The last chapter of Jeffrey Kottler’s book, “Change”, was one of the ones I was most looking forward to reading — “Why Changes Don’t Often Last”. The sobering statistics are quite common in pop psych — the huge numbers of people who set New Year’s resolutions but abandon them before the first week is out (often from trying for perfection in “Just Do It” mode rather than incremental chain-growth like the Seinfeld method mentioned earlier), and that 80% of those who join gyms stop going after the first few visits even though they keep paying for membership for much longer (the illusion of still being committed that would be shattered by formally quitting their membership).

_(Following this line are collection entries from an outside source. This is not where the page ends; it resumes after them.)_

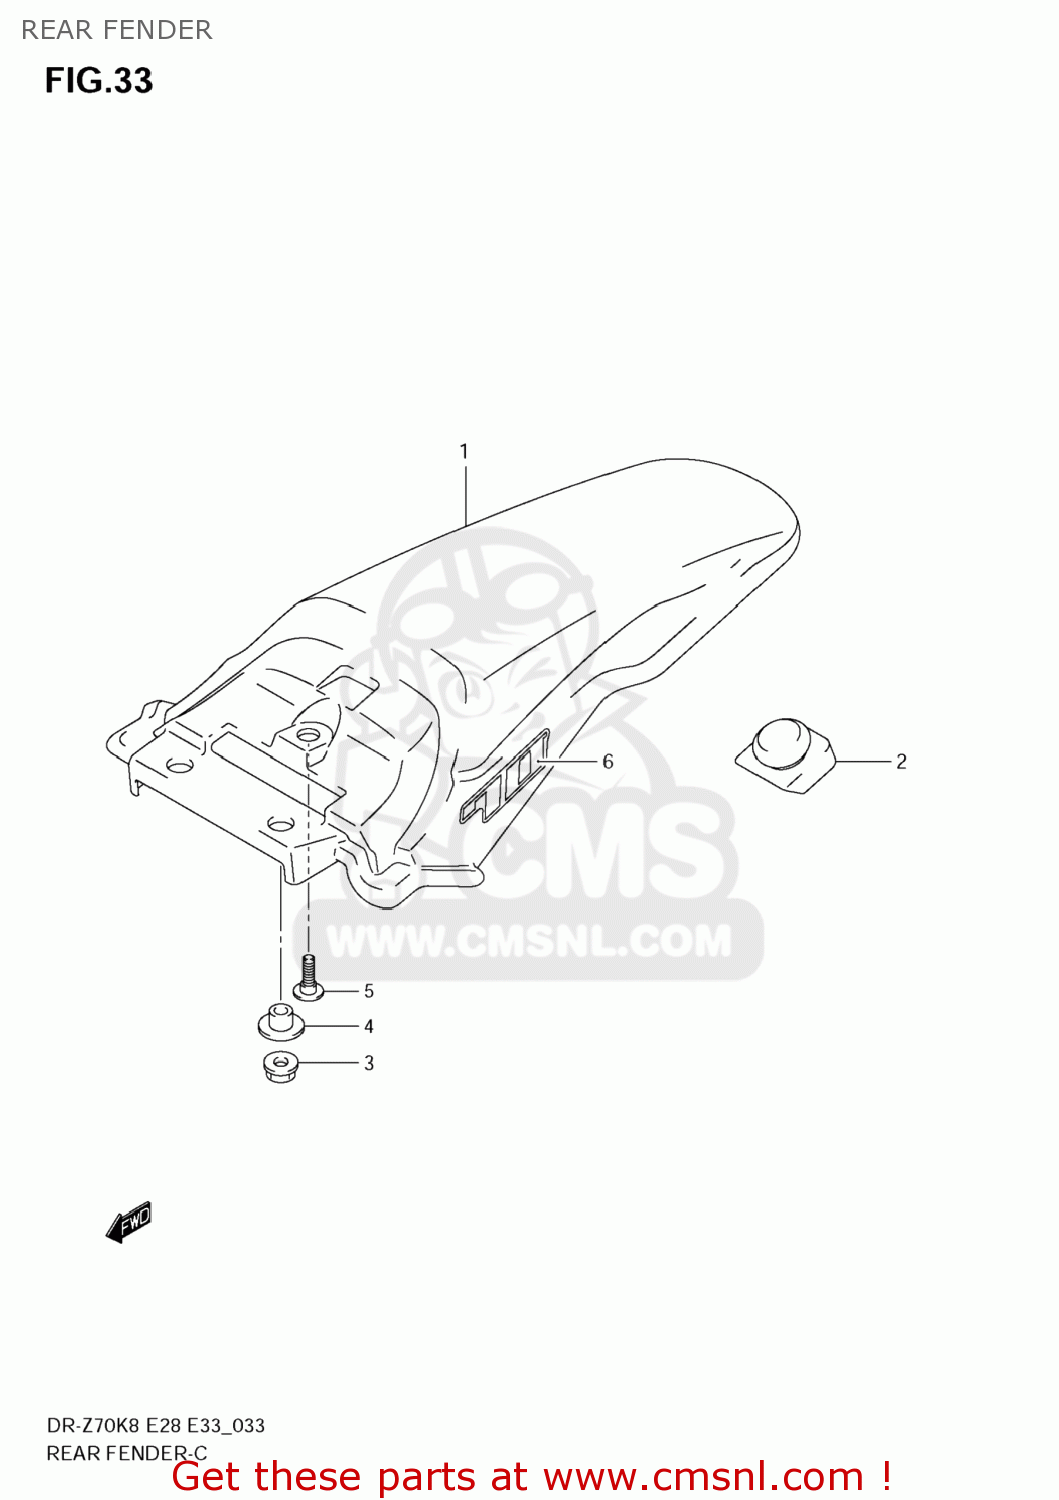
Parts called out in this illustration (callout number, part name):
1	FENDER,RR
2	CUSHION,RR FENDER
3	NUT
4	SPACER(6.2X8.4X6.9)
5	SCREW
6	EMBLEM,RR FENDER
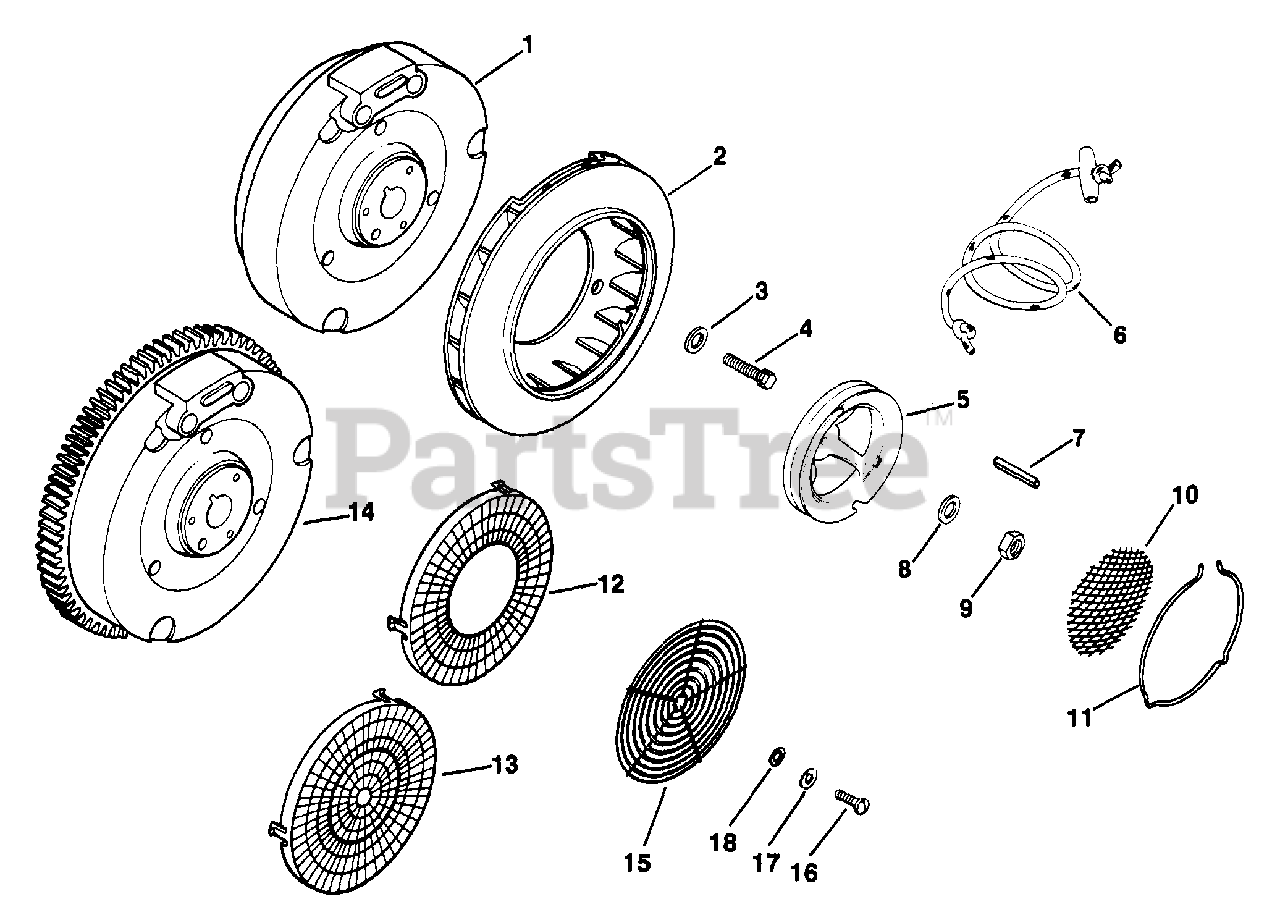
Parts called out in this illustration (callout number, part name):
2	FAN - USE 41 157 01-S
3	SPACER - USE 25 431 01-S
4	SCREW - USE 25 086 14-S
7	KEY - USE X-286-17-S
8	WASHER - USE X-25-15-S
9	NUT - USE 25 100 02-S
12	SCREEN
14	FLYWHEEL - USE 41 025 48-S
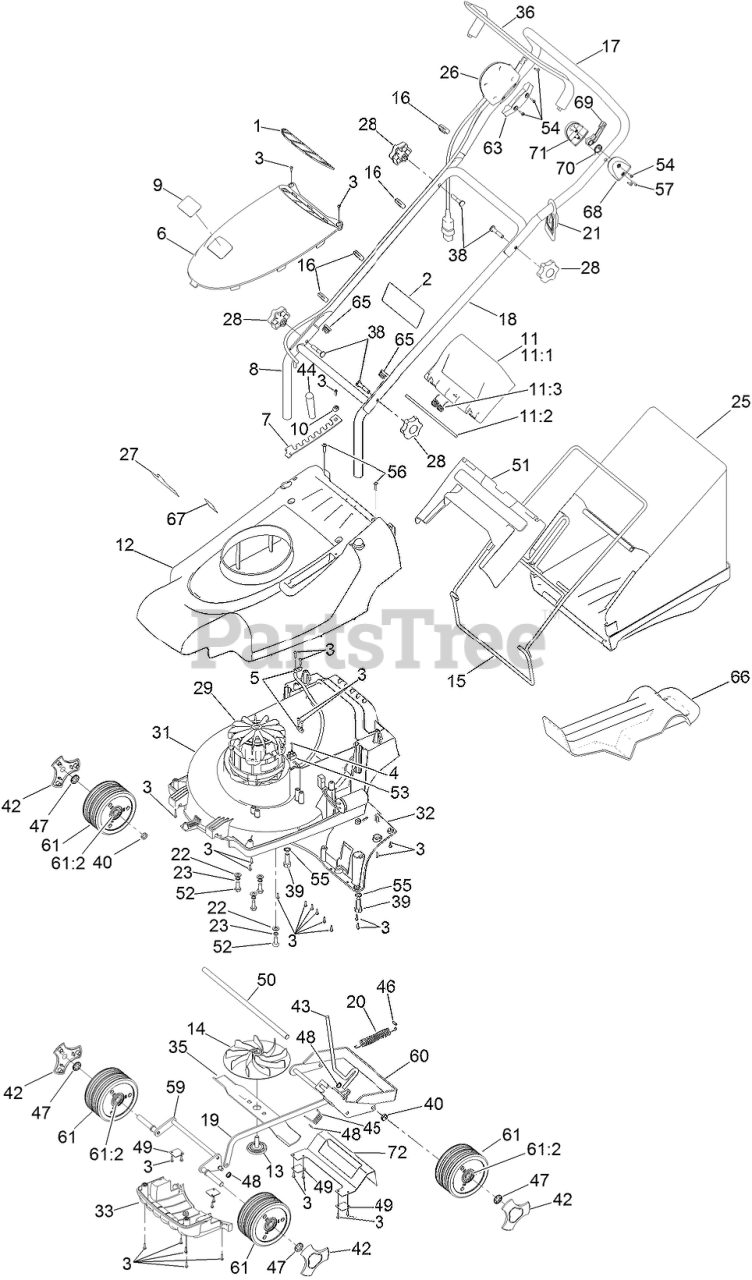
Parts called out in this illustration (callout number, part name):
1	VENT MESH ASM
2	DECAL-SAFETY, ELECTRIC
5	CLAMP-CABLE
6	COVER-MOTOR
7	PLATE-HOC
8	HANDLEBAR-LOWER
9	DECAL-TORO
10	COVER-SCREW, HOC
11	Rear Flap ASM
11:1	DEFLECTOR-REAR
11:2	ROD-DEFLECTOR
11:3	SPRING-DEFLECTOR
12	COVER-TOP
13	BOLT-FIXING, CUTTERBAR (NYLON)
14	CARRIER-CUTTERBAR
15	FRAME-GRASSBAG
16	CLIP-CABLE
17	HANDLEBAR-UPPER
18	HANDLEBAR-MIDDLE
19	ROD-CONNECTING
20	SPRING-BALANCE, COUNTER
21	CLEAT-CABLE
22	WASHER
23	WASHER-SPRING
25	GRASSBAG
26	SWITCH AND LEAD ASM
28	KNOB-HANDLEBAR
31	UNDERDECK
32	THROWPLATE
35	CUTTERBAR
36	ARM-BAIL
38	BOLT-HANDLEBAR
39	SCREW-HH
40	SPACER-WHEEL, REAR
42	CAP-HUB
43	LEVER-HOC
44	KNOB-HOC
45	SPRING-HOC
46	PIN-SPRING, HOC
47	WASHER-STARLOCK
48	WASHER-STARLOCK
49	PLATE-PIVOT, AXLE
50	ROD-AXLE, REAR
51	TOP-GRASSBAG
52	BOLT-MOTOR
53	BLOCK-TERMINAL
55	WASHER
56	SCREW
57	SCREW-PPH
59	FRONT AXLE ASM
60	REAR AXLE ASM
61	WHEEL ASM
61:2	BEARING-WHEEL
63	SWITCH-LEFT, LOWER
65	PLUG-TUBE
66	PLUG-MULCHING
67	DECAL-HOC
68	MOUNT-LEFT
69	LEVER-MOUNT
70	SPRING-BAILARM
71	MOUNT-RIGHT
72	GUARD-PLATE, AXLE
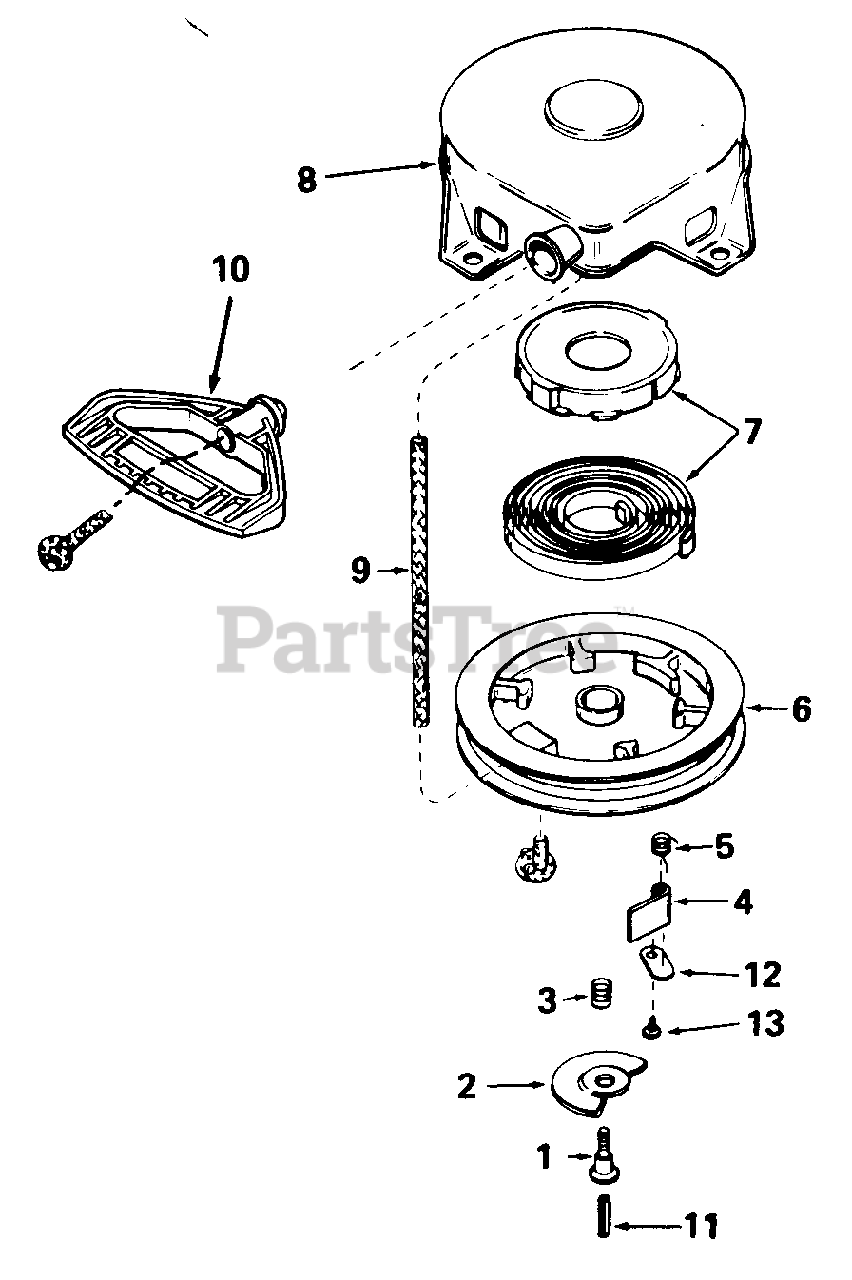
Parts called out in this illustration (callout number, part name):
1	Screw, Retainer
3	Spring, Brake
4	Dog, Starter
5	Spring, Dog
7	Spring & Keeper Ass'y.
8	Housing Ass'y., Starter
9	Rope, Starter
10	Handle, Mitten Grip
11	Pin, Centering
12	Retainer, Dog
13	Screw, No. 6 x 5/16
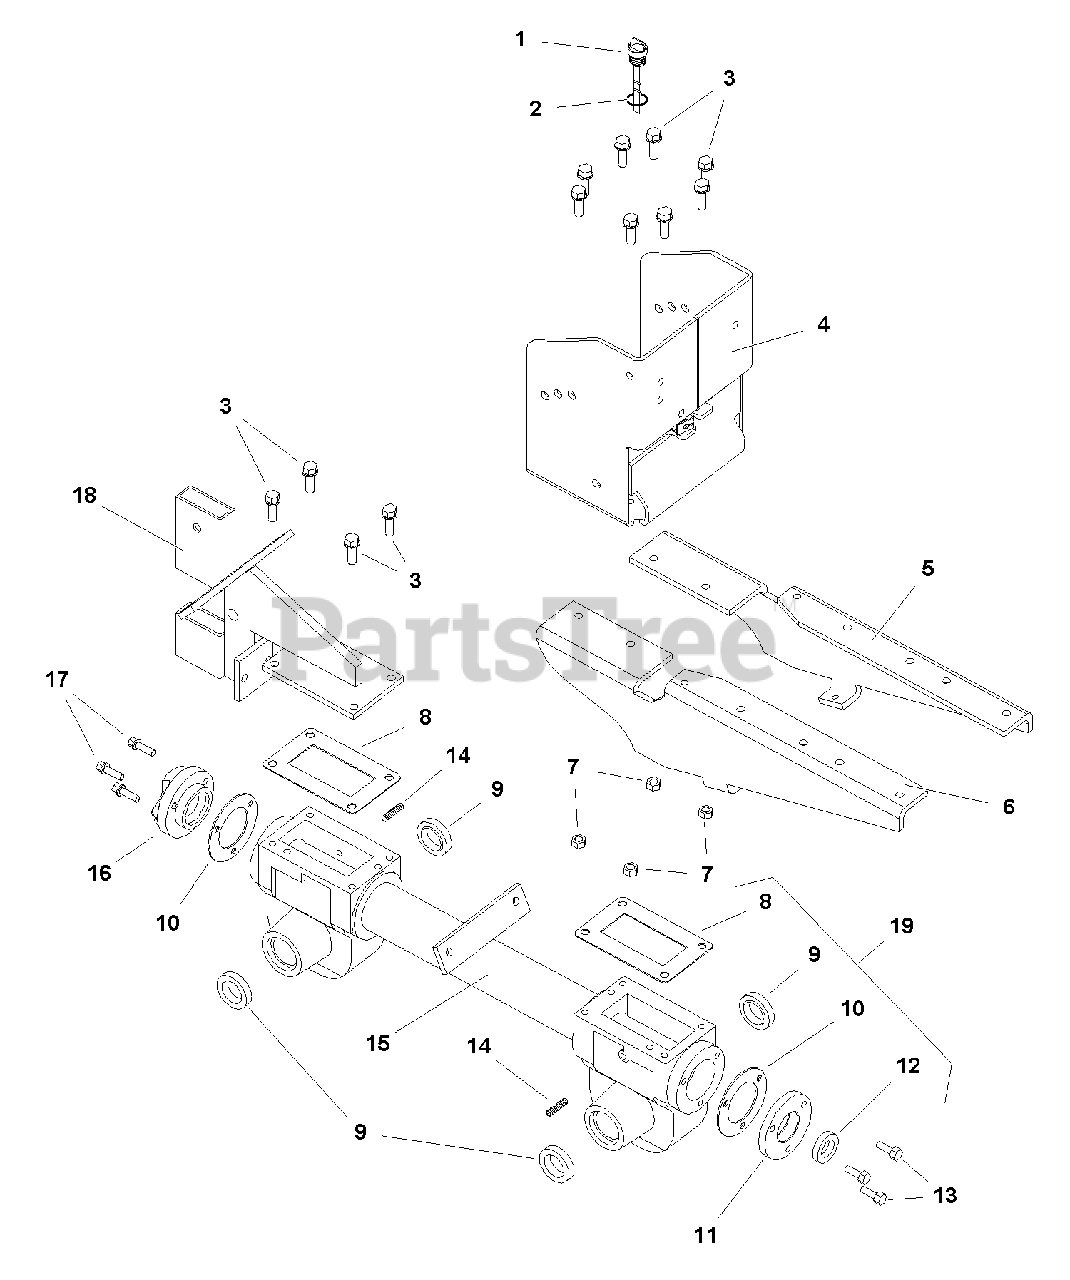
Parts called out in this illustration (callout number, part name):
2	O, RING, Dipstick
3	BOLT, Hex Flange Head 5/16" - 18 x 3/4"
4	COVER PLATE & MOUNT
5	BRACKET, Engine Mount LH
6	BRACKET, Engine Mount RH
7	NUT, Hex Flange 5/16" - 18 Two, Way Lock GA
8	GASKET, Housing & Transmission Cover
9	SEAL, Housing
10	GASKET, Bearing Cap Front/Rear
11	CAP, Rear Bearing
12	SEAL, Oil, Drive Shaft
13	BOLT, Hex Flange Head 1/4" - 20 x 3/4"
14	PLUG, Pipe Socket Head, 1/4" - 18 Oil Check
15	TRANSMISSION, Housing, Tiller Casting
15	TRANSMISSION ASSEMBLY, Complete
16	CAP, Rear Bearing
17	BOLT, Hex Flange Head 1/4" - 20 x 7/8"
18	BRACKET, Depth Regulator RT
19	GASKET KIT, Oil Seal ( Includes Ref. 8, 9, 10, and 12)

Oddly enough, I was quite surprised at the beginning of the chapter that those who study change don’t have a firm grasp of why it fails. First and foremost, those who are heavy at work in the change industry — like therapists or weightloss consultants — don’t know what happens after the patient reaches a goal. There is the pop psych results, such as the fact that almost all of the contestants on the weightloss show “The Biggest Loser” end up gaining all the weight back later. But there is no ongoing follow-up in most clinical or therapeutic settings. And thus no info on if the patient/client relapsed or slipped. Secondly, change is often not a “point in time” measurement but a journey, and thus is quite complex and difficult to measure quantitatively, particularly for a moving target. Thirdly, the results are demoralizing — huge numbers of relapses. So studying it isn’t very satisfying or helpful to clinical treatments.
Nevertheless, Kottler does have a rudimentary list in the headings of why change doesn’t last:
- Limits of will…good intentions are not enough, and we don’t always have full control over our lives;
- Unrealistic expectations or lousy goal-setting;
- Dysfunctional beliefs…including defeatist attitudes, and, perhaps more importantly reasons NOT to change and stay stuck:
- You feel justified in self-pity;
- You can blame external factors or others for your problems;
- You have an excuse not to do it;
- You get sympathy;
- No reward but no risk of change;
- You can avoid addressing deeper issues;
- You can be a jerk and blame your condition;
Put a little differently, “you can remain miserable on your own terms” [pg. 305]. It’s heavily about control of what is familiar vs. risking loss of control with trying something new. In other words, flat out fear.
But you also may lack support (or have others who are enabling triggers for your old behaviour — there’s a reason why alcoholics and drug addicts are actively encouraged NOT to hang around their old friends and family members who may have not only introduced them to their addiction but also actively enabled it…it’s hard to leave port for a better world if you’re still weighed down by an anchor that ties you to your old habits); suffer from other traits or moods that are not conducive to the change (and might need addressing too); or have poor coping skills / preparation (or even just lack the knowledge of how to implement a change).
However, all of the previous chapters came down to pages 308 to 315 for me. I wanted to make one very large change in my life — lose weight — and I was stuck. So I was looking for an enhanced understanding of why I was stuck and how to overcome it. These 8 pages helped me craft a kind of “to do” list.
Success depends on:
- Conducting a fearless inventory of the costs, benefits, patterns and triggers of your “issue” (to make all the pieces clear to you, both in pulling you forward and in resisting change);
- Finding the right motivation (to allow you to commit in the first place);
- Substituting better or different habits to replace the previous ones (even if just to use the time differently);
- Building in consistent rewards (to gamify the journey);
- Committing wholeheartedly (to carry you through); and,
- Changing the narrative of your journey (to reinforce the change and oppose relapses).
The book, and this list, gave me a way forward. I’ve handled 3 of the 6, and I’m working on the remaining 3. Onward to the journey! (#50by50ish #50 – Lose weight – Part 1, the decision).